* **What to do**: Given the records below, pull every line with the word "radius" into the answer.
[Extracted material — start]
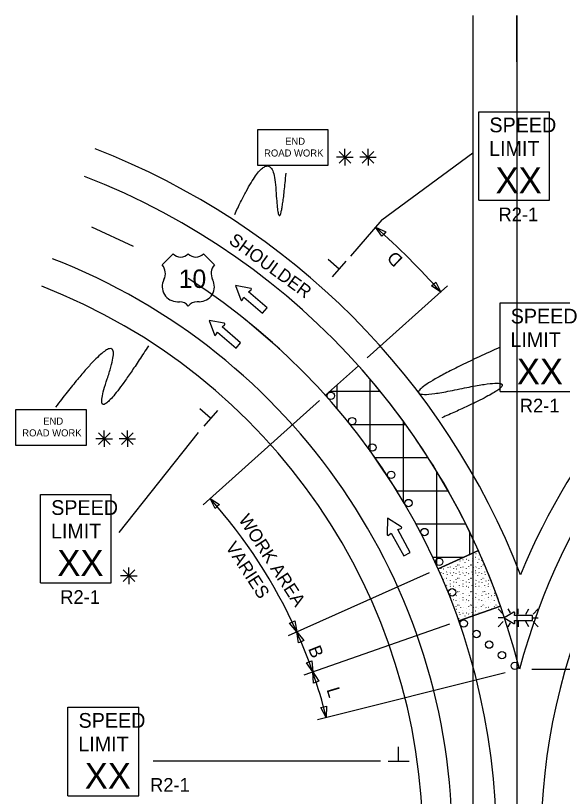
# Model space of a CAD drawing. Extents: x 16556 to 18479, y 5704 to 6974.
# Drawn here: x 16732.7 to 17029.3, y 6550.3 to 6974.1 of the extents above; entities that cross this region are included whole.
import ezdxf

# ---------------------------------------------------------------- set-up
doc = ezdxf.new("R2010")
doc.units = 0
for name, color, linetype in [('ALI_LEGAL_EX', 7, 'Continuous'), ('MT_SCRATCH_LEVEL_A', 7, 'Continuous'), ('MT_SCRATCH_LEVEL_E', 7, 'Continuous'), ('PAVT_EDGE_EX', 7, 'Continuous'), ('TRAFFIC_SIGNS_PR', 7, 'Continuous'), ('TYPICAL_EX', 7, 'Continuous'), ('TYPICAL_TEXT_DIMEN_PR', 7, 'Continuous')]:
    doc.layers.add(name, color=color, linetype=linetype)

msp = doc.modelspace()

# ---------------------------------------------------------------- linework, layer by layer
at = {"layer": 'ALI_LEGAL_EX'}
for p, q in [((16980.68, 6974.12), (16980.68, 6155.98)), ((17004.68, 6974.12), (17004.68, 6155.98)), ((16980.68, 6877.04), (16980.68, 6013.12)), ((17004.68, 6877.04), (17004.68, 6013.12))]:
    msp.add_line(p, q, dxfattribs=at)
for points in [[(17004.68, 6949.12), (17004.68, 6974.12)], [(16796.64, 6848.72), (16773.99, 6859.31)], [(16876.06, 6792.99), (16857.11, 6809.3)], [(16939.89, 6715.82), (16925.99, 6736.59)]]:
    msp.add_lwpolyline(points, dxfattribs=at)
for centre, radius, start, end in [((16629.65, 6525.15), 364, 0, 57.2958), ((17357.65, 6525.15), 340, 129.5666, 180)]:
    msp.add_arc(centre, radius, start, end, dxfattribs=at)
at = {"layer": 'MT_SCRATCH_LEVEL_A'}
for p, q in [((16918.68, 6784), (16900.8, 6767.99)), ((16918.68, 6784), (16900.8, 6767.99)), ((16907.15, 6760.43), (16907.15, 6773.68)), ((16925.15, 6737.43), (16925.15, 6776.33)), ((16903.28, 6770.2), (16930.27, 6770.2)), ((16943.15, 6709.93), (16943.15, 6753.45)), ((16914.07, 6752.2), (16944.07, 6752.2)), ((16927.54, 6734.2), (16956.3, 6734.2)), ((16961.15, 6675.37), (16961.15, 6726.68)), ((16939.35, 6716.2), (16967.15, 6716.2)), ((16949.72, 6698.2), (16976.74, 6698.2)), ((16979.15, 6681.58), (16979.15, 6693.23)), ((16958.82, 6680.2), (16976.08, 6680.2)), ((16983.8, 6683.65), (16961.89, 6673.85)), ((16961.89, 6673.85), (16983.8, 6683.65)), ((16983.8, 6683.65), (16961.89, 6673.85)), ((16978.69, 6681.1), (16978.74, 6681.02)), ((16980.98, 6681.91), (16981.03, 6681.84)), ((16982.43, 6682.06), (16982.48, 6682.18)), ((16984.05, 6681.24), (16984.1, 6681.16)), ((16969.7, 6677.27), (16969.74, 6677.37)), ((16972.49, 6676.04), (16972.54, 6675.96)), ((16973.22, 6676.01), (16973.28, 6675.93)), ((16973.63, 6678.11), (16973.69, 6678.03)), ((16975.41, 6678.78), (16975.47, 6678.89)), ((16976.59, 6677.27), (16976.64, 6677.39)), ((16977.21, 6679.03), (16977.26, 6678.95)), ((16978.49, 6678.45), (16978.5, 6678.33)), ((16979.38, 6676.04), (16979.43, 6675.96)), ((16980.11, 6676.01), (16980.16, 6675.93)), ((16980.33, 6679.31), (16980.38, 6679.42)), ((16980.52, 6678.11), (16980.57, 6678.03)), ((16982.26, 6680.18), (16982.31, 6680.1)), ((16982.3, 6678.78), (16982.35, 6678.89)), ((16983.48, 6677.27), (16983.53, 6677.39)), ((16984.1, 6679.03), (16984.15, 6678.95)), ((16985.38, 6678.45), (16985.39, 6678.33)), ((16986.26, 6676.04), (16986.31, 6675.96)), ((16987, 6676.01), (16987.05, 6675.93)), ((16963.39, 6673.95), (16963.44, 6673.87)), ((16963.44, 6671.74), (16963.49, 6671.66)), ((16964.84, 6675.08), (16964.89, 6675.19)), ((16964.92, 6673.81), (16964.97, 6673.73)), ((16966.56, 6672.02), (16966.61, 6672.14)), ((16967.21, 6674.63), (16967.26, 6674.55)), ((16968.48, 6672.89), (16968.53, 6672.81)), ((16968.65, 6674.78), (16968.71, 6674.9)), ((16970.27, 6673.95), (16970.33, 6673.87)), ((16970.32, 6671.74), (16970.37, 6671.66)), ((16971.72, 6675.08), (16971.78, 6675.19)), ((16971.8, 6673.81), (16971.85, 6673.73)), ((16973.44, 6672.02), (16973.5, 6672.14)), ((16974.09, 6674.63), (16974.15, 6674.55)), ((16975.37, 6672.89), (16975.42, 6672.81)), ((16975.54, 6674.78), (16975.59, 6674.9)), ((16977.16, 6673.95), (16977.21, 6673.87)), ((16977.21, 6671.74), (16977.26, 6671.66)), ((16978.61, 6675.08), (16978.66, 6675.19)), ((16978.69, 6673.81), (16978.74, 6673.73)), ((16980.33, 6672.02), (16980.38, 6672.14)), ((16980.98, 6674.63), (16981.03, 6674.55)), ((16982.26, 6672.89), (16982.31, 6672.81)), ((16982.43, 6674.78), (16982.48, 6674.9)), ((16984.05, 6673.95), (16984.1, 6673.87)), ((16984.1, 6671.74), (16984.15, 6671.66)), ((16985.5, 6675.08), (16985.55, 6675.19)), ((16985.58, 6673.81), (16985.63, 6673.73)), ((16987.22, 6672.02), (16987.27, 6672.14)), ((16964.72, 6671.17), (16964.73, 6671.05)), ((16964.84, 6667.79), (16964.89, 6667.91)), ((16965.6, 6668.75), (16965.65, 6668.68)), ((16966.34, 6668.72), (16966.39, 6668.65)), ((16966.75, 6670.82), (16966.8, 6670.74)), ((16968.53, 6671.49), (16968.58, 6671.61)), ((16968.65, 6667.49), (16968.71, 6667.61)), ((16969.7, 6669.99), (16969.76, 6670.11)), ((16971.6, 6671.17), (16971.62, 6671.05)), ((16971.72, 6667.79), (16971.78, 6667.91)), ((16972.49, 6668.75), (16972.54, 6668.68)), ((16973.22, 6668.72), (16973.28, 6668.65)), ((16973.63, 6670.82), (16973.69, 6670.74)), ((16975.41, 6671.49), (16975.47, 6671.61)), ((16975.54, 6667.49), (16975.59, 6667.61)), ((16976.59, 6669.99), (16976.64, 6670.11)), ((16978.49, 6671.17), (16978.5, 6671.05)), ((16978.61, 6667.79), (16978.66, 6667.91)), ((16979.38, 6668.75), (16979.43, 6668.68)), ((16980.11, 6668.72), (16980.16, 6668.65)), ((16980.52, 6670.82), (16980.57, 6670.74)), ((16982.3, 6671.49), (16982.35, 6671.61)), ((16982.43, 6667.49), (16982.48, 6667.61)), ((16983.48, 6669.99), (16983.53, 6670.11)), ((16985.38, 6671.17), (16985.39, 6671.05)), ((16985.5, 6667.79), (16985.55, 6667.91)), ((16986.26, 6668.75), (16986.31, 6668.68)), ((16987, 6668.72), (16987.05, 6668.65)), ((16987.41, 6670.82), (16987.46, 6670.74)), ((16989.32, 6667.49), (16989.37, 6667.61)), ((16966.56, 6664.74), (16966.61, 6664.85)), ((16966.75, 6663.54), (16966.8, 6663.46)), ((16967.21, 6667.34), (16967.26, 6667.27)), ((16968.48, 6665.61), (16968.53, 6665.53)), ((16968.53, 6664.21), (16968.58, 6664.32)), ((16970.27, 6666.67), (16970.33, 6666.59)), ((16970.32, 6664.46), (16970.37, 6664.38)), ((16971.6, 6663.88), (16971.62, 6663.76)), ((16971.8, 6666.53), (16971.85, 6666.45)), ((16973.44, 6664.74), (16973.5, 6664.85)), ((16973.63, 6663.54), (16973.69, 6663.46)), ((16974.09, 6667.34), (16974.15, 6667.27)), ((16975.37, 6665.61), (16975.42, 6665.53)), ((16975.41, 6664.21), (16975.47, 6664.32)), ((16977.16, 6666.67), (16977.21, 6666.59)), ((16977.21, 6664.46), (16977.26, 6664.38)), ((16978.49, 6663.88), (16978.5, 6663.76)), ((16978.69, 6666.53), (16978.74, 6666.45)), ((16980.33, 6664.74), (16980.38, 6664.85)), ((16980.52, 6663.54), (16980.57, 6663.46)), ((16980.98, 6667.34), (16981.03, 6667.27)), ((16982.26, 6665.61), (16982.31, 6665.53)), ((16982.3, 6664.21), (16982.35, 6664.32)), ((16984.05, 6666.67), (16984.1, 6666.59)), ((16984.1, 6664.46), (16984.15, 6664.38)), ((16985.38, 6663.88), (16985.39, 6663.76)), ((16985.58, 6666.53), (16985.63, 6666.45)), ((16987.22, 6664.74), (16987.27, 6664.85)), ((16987.41, 6663.54), (16987.46, 6663.46)), ((16987.87, 6667.34), (16987.92, 6667.27)), ((16989.15, 6665.61), (16989.2, 6665.53)), ((16989.19, 6664.21), (16989.24, 6664.32)), ((16990.99, 6664.46), (16991.04, 6664.38)), ((16968.65, 6660.21), (16968.71, 6660.33)), ((16969.7, 6662.7), (16969.76, 6662.82)), ((16970.27, 6659.38), (16970.33, 6659.3)), ((16971.72, 6660.51), (16971.78, 6660.62)), ((16971.8, 6659.24), (16971.85, 6659.16)), ((16972.49, 6661.47), (16972.54, 6661.39)), ((16973.22, 6661.44), (16973.28, 6661.36)), ((16974.09, 6660.06), (16974.15, 6659.98)), ((16975.54, 6660.21), (16975.59, 6660.33)), ((16976.59, 6662.7), (16976.64, 6662.82)), ((16977.16, 6659.38), (16977.21, 6659.3)), ((16978.61, 6660.51), (16978.66, 6660.62)), ((16978.69, 6659.24), (16978.74, 6659.16)), ((16979.38, 6661.47), (16979.43, 6661.39)), ((16980.11, 6661.44), (16980.16, 6661.36)), ((16980.98, 6660.06), (16981.03, 6659.98)), ((16982.43, 6660.21), (16982.48, 6660.33)), ((16983.48, 6662.7), (16983.53, 6662.82)), ((16984.05, 6659.38), (16984.1, 6659.3)), ((16985.5, 6660.51), (16985.55, 6660.62)), ((16985.58, 6659.24), (16985.63, 6659.16)), ((16986.26, 6661.47), (16986.31, 6661.39)), ((16987, 6661.44), (16987.05, 6661.36)), ((16987.87, 6660.06), (16987.92, 6659.98)), ((16989.32, 6660.21), (16989.37, 6660.33)), ((16990.37, 6662.7), (16990.42, 6662.82)), ((16990.94, 6659.38), (16990.99, 6659.3)), ((16992.39, 6660.51), (16992.44, 6660.62)), ((16992.47, 6659.24), (16992.52, 6659.16)), ((16968.48, 6658.32), (16968.53, 6658.24)), ((16969.7, 6655.42), (16969.76, 6655.54)), ((16970.32, 6657.17), (16970.37, 6657.09)), ((16971.6, 6656.6), (16971.62, 6656.48)), ((16973.44, 6657.45), (16973.5, 6657.57)), ((16973.63, 6656.25), (16973.69, 6656.18)), ((16975.37, 6658.32), (16975.42, 6658.24)), ((16975.41, 6656.92), (16975.47, 6657.04)), ((16976.59, 6655.42), (16976.64, 6655.54)), ((16977.21, 6657.17), (16977.26, 6657.09)), ((16978.49, 6656.6), (16978.5, 6656.48)), ((16980.33, 6657.45), (16980.38, 6657.57)), ((16980.52, 6656.25), (16980.57, 6656.18)), ((16982.26, 6658.32), (16982.31, 6658.24)), ((16982.3, 6656.92), (16982.35, 6657.04)), ((16983.48, 6655.42), (16983.53, 6655.54)), ((16984.1, 6657.17), (16984.15, 6657.09)), ((16985.38, 6656.6), (16985.39, 6656.48)), ((16987.22, 6657.45), (16987.27, 6657.57)), ((16987.41, 6656.25), (16987.46, 6656.18)), ((16989.15, 6658.32), (16989.2, 6658.24)), ((16989.19, 6656.92), (16989.24, 6657.04)), ((16990.37, 6655.42), (16990.42, 6655.54)), ((16990.99, 6657.17), (16991.04, 6657.09)), ((16992.27, 6656.6), (16992.28, 6656.48)), ((16994.11, 6657.45), (16994.16, 6657.57)), ((16994.3, 6656.25), (16994.35, 6656.18)), ((16971.72, 6653.22), (16971.78, 6653.34)), ((16971.8, 6651.96), (16971.85, 6651.88)), ((16972.49, 6654.18), (16972.54, 6654.11)), ((16995.8, 6653.51), (16973.15, 6645.57)), ((16973.15, 6645.57), (16995.8, 6653.51)), ((16973.22, 6654.15), (16973.28, 6654.07)), ((16974.09, 6652.77), (16974.15, 6652.7)), ((16975.37, 6651.04), (16975.42, 6650.96)), ((16975.54, 6652.93), (16975.59, 6653.04)), ((16977.16, 6652.1), (16977.21, 6652.02)), ((16978.61, 6653.22), (16978.66, 6653.34)), ((16978.69, 6651.96), (16978.74, 6651.88)), ((16979.38, 6654.18), (16979.43, 6654.11)), ((16980.11, 6654.15), (16980.16, 6654.07)), ((16980.98, 6652.77), (16981.03, 6652.7)), ((16982.26, 6651.04), (16982.31, 6650.96)), ((16982.43, 6652.93), (16982.48, 6653.04)), ((16984.05, 6652.1), (16984.1, 6652.02)), ((16985.5, 6653.22), (16985.55, 6653.34)), ((16985.58, 6651.96), (16985.63, 6651.88)), ((16986.26, 6654.18), (16986.31, 6654.11)), ((16987, 6654.15), (16987.05, 6654.07)), ((16987.87, 6652.77), (16987.92, 6652.7)), ((16989.32, 6652.93), (16989.37, 6653.04)), ((16990.94, 6652.1), (16990.99, 6652.02)), ((16992.39, 6653.22), (16992.44, 6653.34)), ((16993.15, 6654.18), (16993.2, 6654.11)), ((16993.89, 6654.15), (16993.94, 6654.07)), ((16973.22, 6646.87), (16973.28, 6646.79)), ((16973.44, 6650.17), (16973.5, 6650.28)), ((16973.63, 6648.97), (16973.69, 6648.89)), ((16975.41, 6649.64), (16975.47, 6649.75)), ((16976.59, 6648.13), (16976.64, 6648.25)), ((16977.21, 6649.89), (16977.26, 6649.81)), ((16978.49, 6649.31), (16978.5, 6649.19)), ((16980.33, 6650.17), (16980.38, 6650.28)), ((16980.52, 6648.97), (16980.57, 6648.89)), ((16982.3, 6649.64), (16982.35, 6649.75)), ((16984.1, 6649.89), (16984.15, 6649.81))]:
    msp.add_line(p, q, dxfattribs=at)
for start, end in [(24.1122, 41.8471), (19.3199, 24.1122)]:
    msp.add_arc((16629.65, 6525.15), 388, start, end, dxfattribs=at)
at = {"layer": 'MT_SCRATCH_LEVEL_E'}
for p, q in [((16860.24, 6826.04), (16852.05, 6827.62)), ((16852.05, 6827.62), (16854.86, 6819.78)), ((16859.05, 6824.09), (16860.45, 6825.23)), ((16855.69, 6819.7), (16856.61, 6821.26)), ((16856.61, 6821.26), (16866.66, 6812.61)), ((16869.1, 6815.45), (16859.05, 6824.09)), ((16866.66, 6812.61), (16869.1, 6815.45)), ((16845.92, 6807.1), (16837.72, 6808.67)), ((16837.72, 6808.67), (16840.53, 6800.84)), ((16844.72, 6805.15), (16846.12, 6806.29)), ((16854.77, 6796.5), (16844.72, 6805.15)), ((16841.36, 6800.76), (16842.28, 6802.31)), ((16842.28, 6802.31), (16852.33, 6793.66)), ((16852.33, 6793.66), (16854.77, 6796.5))]:
    msp.add_line(p, q, dxfattribs=at)
for centre, start, end in [((16860.15, 6825.59), 309.3361, 79.073), ((16855.3, 6819.95), 199.7248, 329.2637), ((16845.82, 6806.64), 309.3361, 79.073), ((16840.97, 6801), 199.7248, 329.2637)]:
    msp.add_arc(centre, 0.463, start, end, dxfattribs=at)
at = {"layer": 'PAVT_EDGE_EX'}
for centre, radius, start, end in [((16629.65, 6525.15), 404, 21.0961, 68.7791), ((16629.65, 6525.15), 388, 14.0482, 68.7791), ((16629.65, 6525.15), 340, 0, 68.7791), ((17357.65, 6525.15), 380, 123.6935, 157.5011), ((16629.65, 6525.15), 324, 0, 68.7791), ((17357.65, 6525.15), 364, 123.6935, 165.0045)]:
[Extracted material — finish]
* **Task output**:
for centre, radius, start, end in [((16629.65, 6525.15), 364, 0, 57.2958), ((17357.65, 6525.15), 340, 129.5666, 180)]:
    msp.add_arc(centre, radius, start, end, dxfattribs=at)
for centre, radius, start, end in [((16629.65, 6525.15), 404, 21.0961, 68.7791), ((16629.65, 6525.15), 388, 14.0482, 68.7791), ((16629.65, 6525.15), 340, 0, 68.7791), ((17357.65, 6525.15), 380, 123.6935, 157.5011), ((16629.65, 6525.15), 324, 0, 68.7791), ((17357.65, 6525.15), 364, 123.6935, 165.0045)]:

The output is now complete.